=== What you are asked to do ===
Write out every record below exactly as it stands, leaving the pictures out.

- - - -

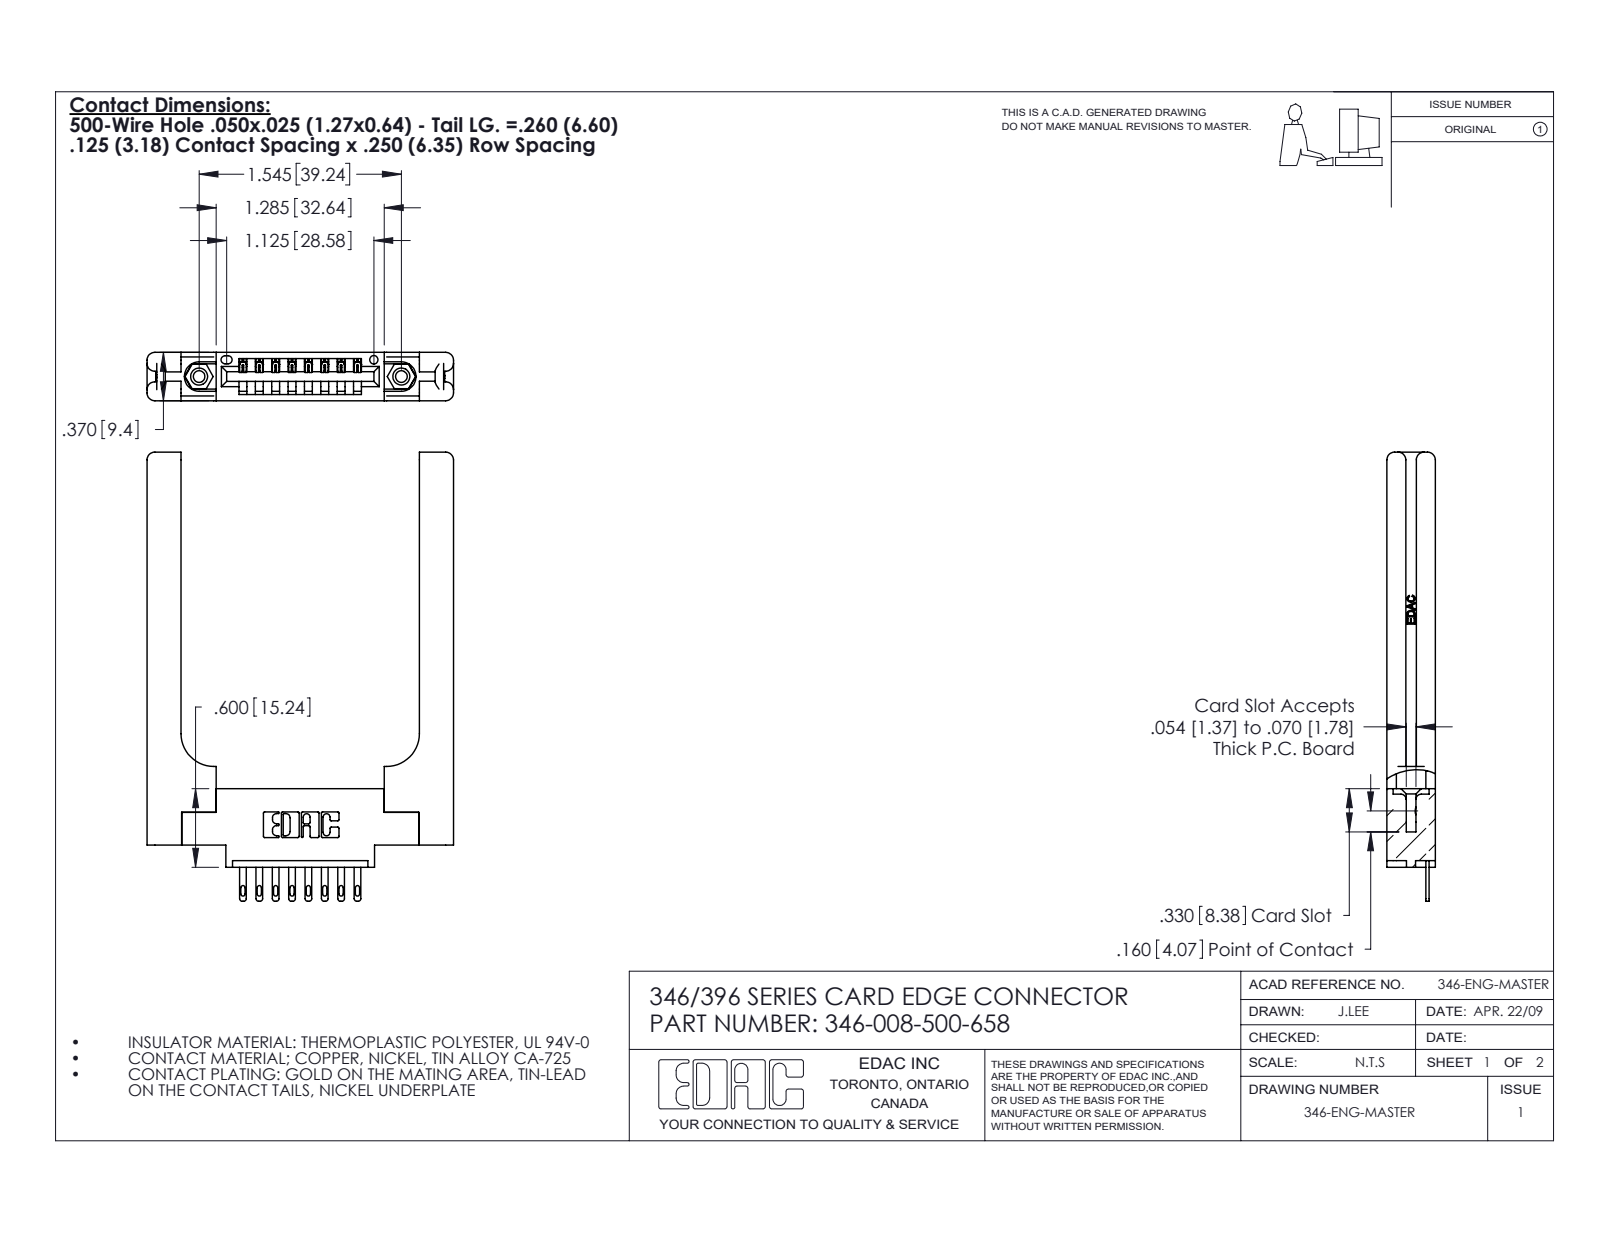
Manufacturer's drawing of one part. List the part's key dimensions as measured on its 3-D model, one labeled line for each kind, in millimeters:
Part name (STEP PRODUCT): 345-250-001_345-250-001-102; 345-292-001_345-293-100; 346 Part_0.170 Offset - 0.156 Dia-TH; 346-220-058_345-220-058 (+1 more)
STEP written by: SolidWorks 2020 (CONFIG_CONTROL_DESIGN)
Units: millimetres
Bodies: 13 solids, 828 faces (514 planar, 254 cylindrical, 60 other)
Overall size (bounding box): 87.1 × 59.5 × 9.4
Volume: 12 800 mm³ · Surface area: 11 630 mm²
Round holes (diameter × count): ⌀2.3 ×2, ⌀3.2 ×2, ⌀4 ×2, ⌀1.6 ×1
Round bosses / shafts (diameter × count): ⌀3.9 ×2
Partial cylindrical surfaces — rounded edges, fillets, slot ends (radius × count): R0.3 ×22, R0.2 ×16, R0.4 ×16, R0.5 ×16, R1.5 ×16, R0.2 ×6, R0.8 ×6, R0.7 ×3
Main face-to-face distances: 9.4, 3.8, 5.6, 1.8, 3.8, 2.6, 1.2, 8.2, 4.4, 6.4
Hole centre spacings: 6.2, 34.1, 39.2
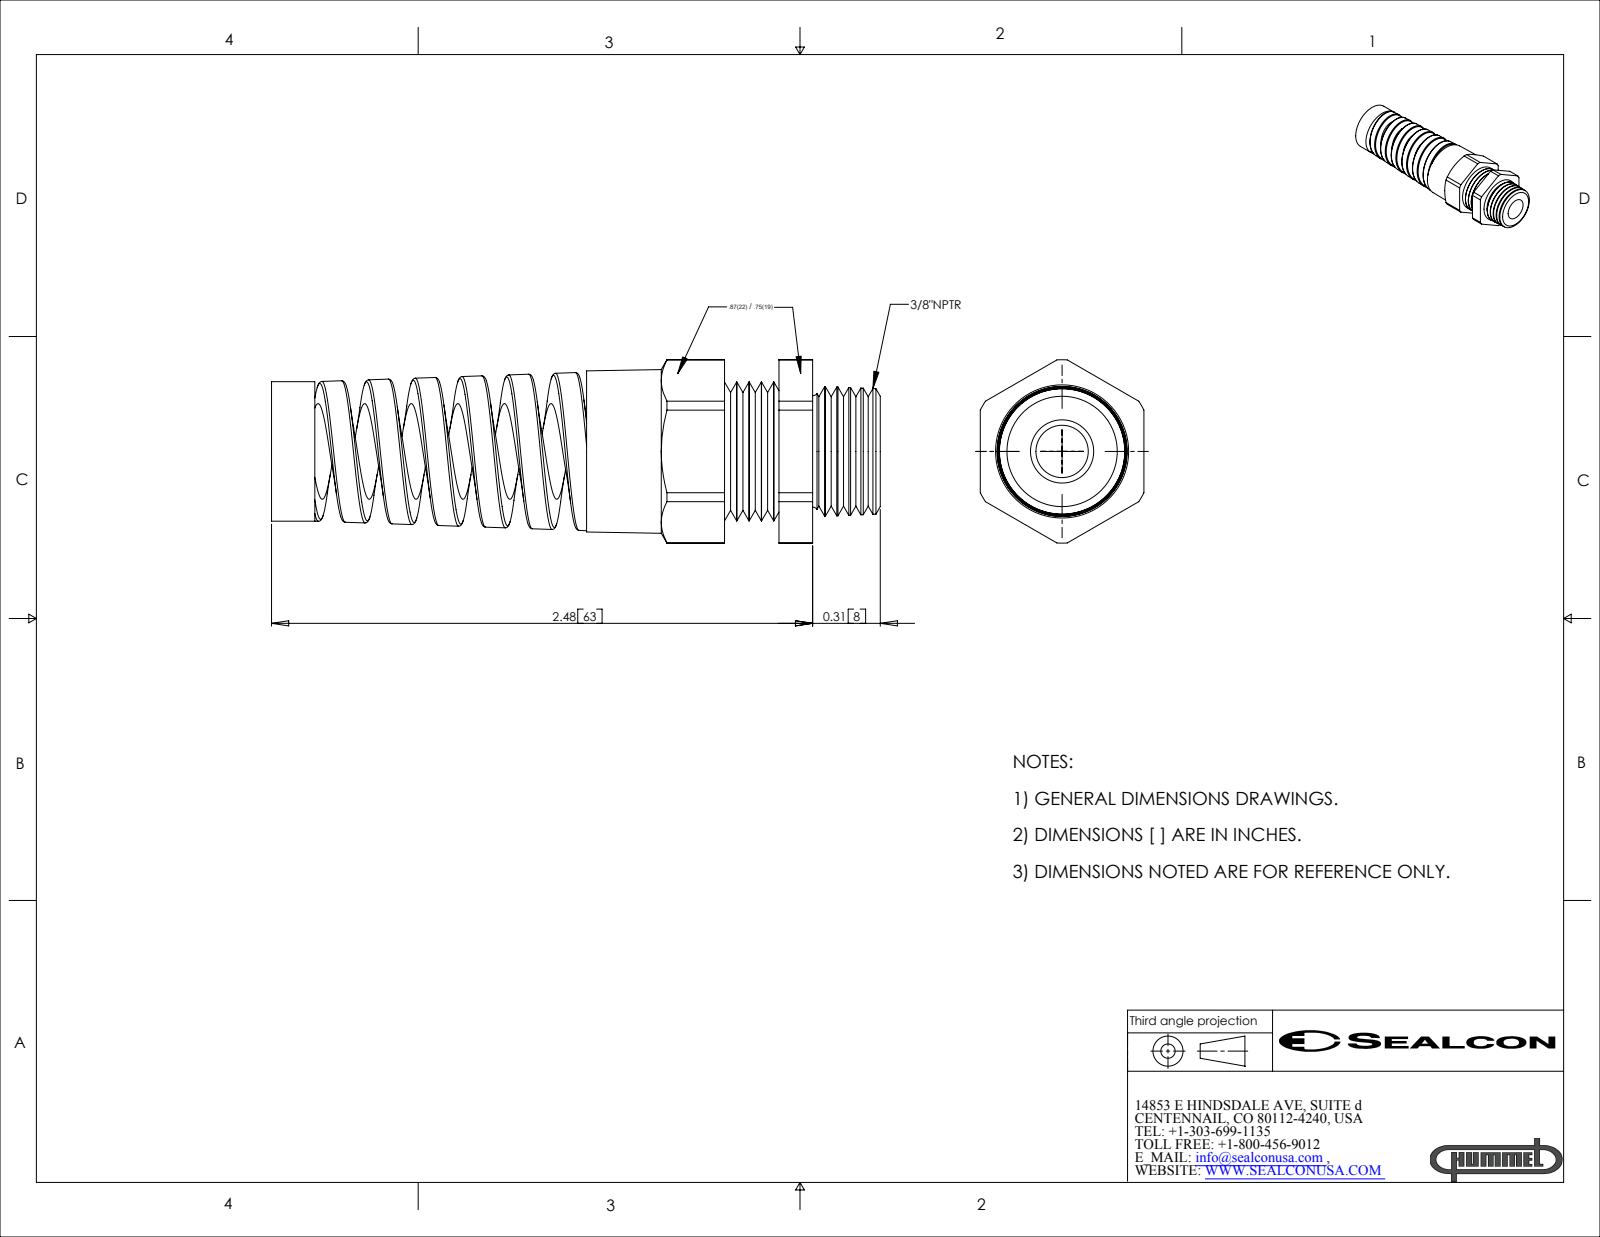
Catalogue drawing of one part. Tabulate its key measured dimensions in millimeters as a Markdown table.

- - - -

=== Answer to this exercise ===
Manufacturer's drawing of one part. List the part's key dimensions as measured on its 3-D model, one labeled line for each kind, in millimeters:
Part name (STEP PRODUCT): 345-250-001_345-250-001-102; 345-292-001_345-293-100; 346 Part_0.170 Offset - 0.156 Dia-TH; 346-220-058_345-220-058 (+1 more)
STEP written by: SolidWorks 2020 (CONFIG_CONTROL_DESIGN)
Units: millimetres
Bodies: 13 solids, 828 faces (514 planar, 254 cylindrical, 60 other)
Overall size (bounding box): 87.1 × 59.5 × 9.4
Volume: 12 800 mm³ · Surface area: 11 630 mm²
Round holes (diameter × count): ⌀2.3 ×2, ⌀3.2 ×2, ⌀4 ×2, ⌀1.6 ×1
Round bosses / shafts (diameter × count): ⌀3.9 ×2
Partial cylindrical surfaces — rounded edges, fillets, slot ends (radius × count): R0.3 ×22, R0.2 ×16, R0.4 ×16, R0.5 ×16, R1.5 ×16, R0.2 ×6, R0.8 ×6, R0.7 ×3
Main face-to-face distances: 9.4, 3.8, 5.6, 1.8, 3.8, 2.6, 1.2, 8.2, 4.4, 6.4
Hole centre spacings: 6.2, 34.1, 39.2
Catalogue drawing of one part. Tabulate its key measured dimensions in millimeters as a Markdown table.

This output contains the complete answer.